I recently heard of a morph of bredli python called "stonewash" I've tried finding out more with little luck other than some pics. I'm wondering if someone can tell me more about this morph and if they are they available in Australia?


----------



## pinefamily (Sep 6, 2015)

Is this name from overseas? They do some very unusual breeding overseas. The other day on an overseas forum I commented on someone's "coastal" python, which looked very much like a jag.
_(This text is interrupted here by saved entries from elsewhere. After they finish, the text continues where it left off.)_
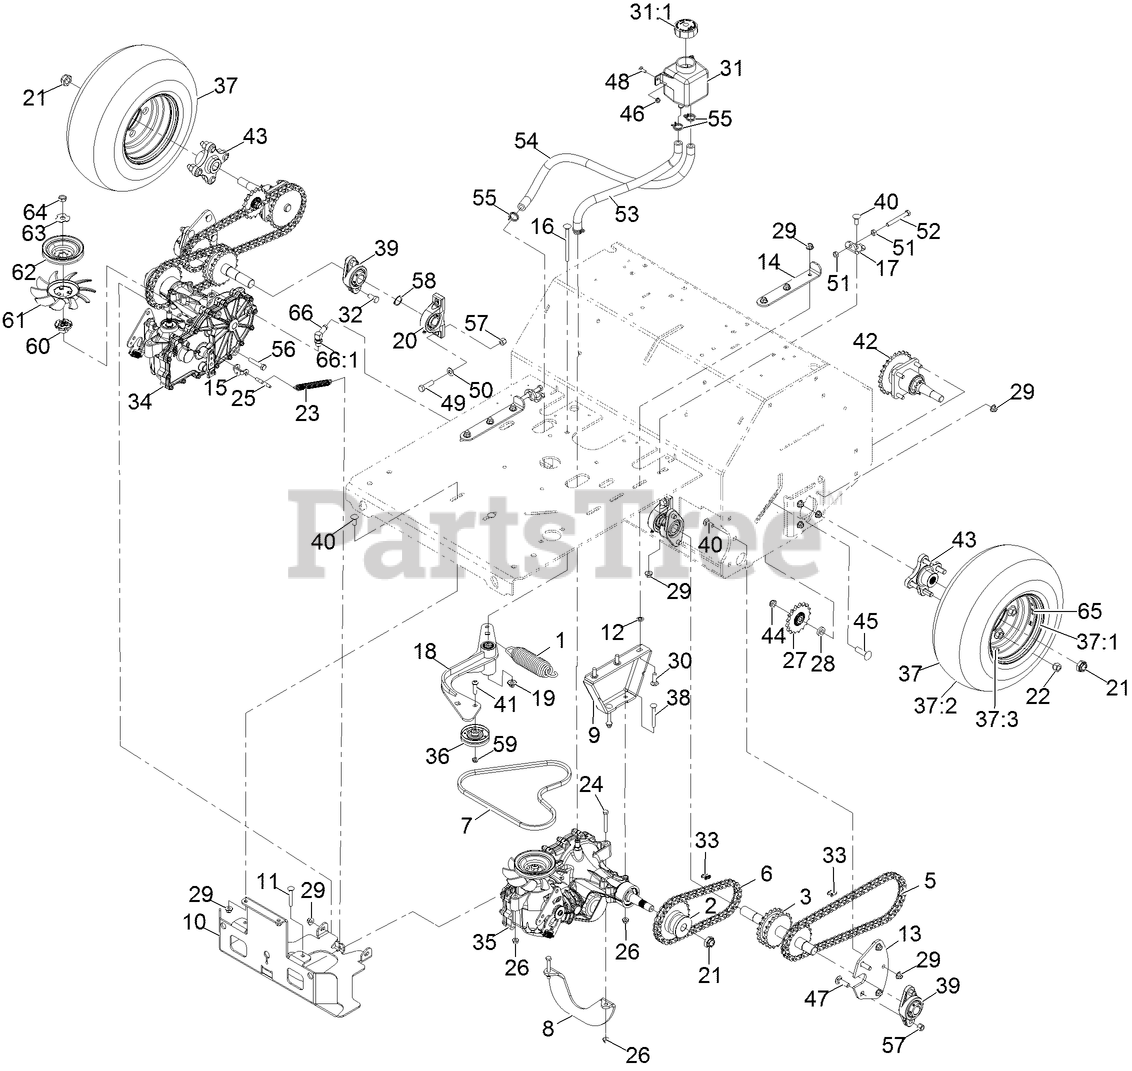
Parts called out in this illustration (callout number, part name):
1	SPRING-EXTENSION
2	HUB-DRIVE, CHAIN
3	JACKSHAFT
5	CHAIN-ROLLER, #50, 65 LINKS
6	CHAIN-ROLLER #50, 47 PITCHES
7	BELT-4L SECTION
8	BRACE-ANGLE
9	MOUNT-TRANSMISSION
10	GUARD-TRANSMISSION
11	BOLT-CARR
12	NUT-PUSH
13	PLATE-JACKSHAFT
14	PLATE-ADJUSTMENT, TRANSMISSION
15	YOKE-BRAKE, PARK
17	BRACKET-HYDRO, ADJUST
18	IDLER ARM ASM
19	NUT-FLANGE, NI
20	BEARING-PILLOW BLOCK
21	NUT-LOCK
22	NUT-LUG
23	SPRING-DOOR
24	SCREW-HH
25	PIN-BRAKE, PARK
26	NUT-HF, NI
27	SPROCKET-IDLER, 17T
28	WASHER
29	NUT-HF, NI
30	BOLT-CARR
31	TANK-HYD
31:1	CAP-RESERVOIR, HYD
32	SCREW-HH
33	LINK-CONNECTING
34	RH TRANSAXLE ASM (NO FAN)
35	LH TRANSAXLE ASM (NO FAN)
36	PULLEY-IDLER
37	TIRE ASM (16 X 6.50-8)
37:1	RIM (8 x 5.375)
37:3	STEM-VALVE
38	SCREW-CARR
39	BEARING-FLANGE, 2 BOLT
40	BOLT-CARR
41	SCREW-HSBH
42	AXLE AND BEARING ASM
43	HUB-OFFSET
44	NUT-LOCK, NI
45	SCREW-CARR
46	NUT-HF
47	BOLT-CARR
48	BOLT-CARR
49	SCREW-HH
50	WASHER-FLAT
51	NUT-HEX
52	SCREW-HH
53	HOSE-HYDRAULIC
54	HOSE-HYDRAULIC
55	CLAMP-HOSE
56	SCREW-HH
57	NUT-LOCK, NI
58	RING-RETAINING
59	NUT-LOCK, NI
60	HUB-PULLEY
62	PULLEY
63	WASHER-SLOTTED
64	NUT-JAM, HEX
65	DECAL-TORQUES, WHEEL HUB AND NUT
66	FITTING-ELBOW, 90
66:1	O-RING

He told me that there was no way it was a jag, but line bred for the colours. Very interesting when you know that it is very rare to find pure carpets overseas.


----------



## chappo89 (Sep 6, 2015)

Here's a link to some info on the morph. I'm constantly surprised by reptiles I see overseas pinefamily.

http://www.moreliapythons.com/forums/showthread.php?35727-New-morph-proves-out!!!


----------



## Shotta (Sep 6, 2015)

there were a couple of bredli bred in australia that look pretty much identical to the stonewash bredli,but not sure if it was proved to be genetic or not.. Someone here might have the answer..


----------



## HiramAbiff (Sep 6, 2015)

Shotta said:


> there were a couple of bredli bred in australia that look pretty much identical to the stonewash bredli,but not sure if it was proved to be genetic or not.. Someone here might have the answer..


The person that had them contracted SV.
I wouldn't hold my breath for hatchies.


----------



## kittybelle (Sep 9, 2015)

They look almost like hypos but with a few more light spots. Certainly look interesting.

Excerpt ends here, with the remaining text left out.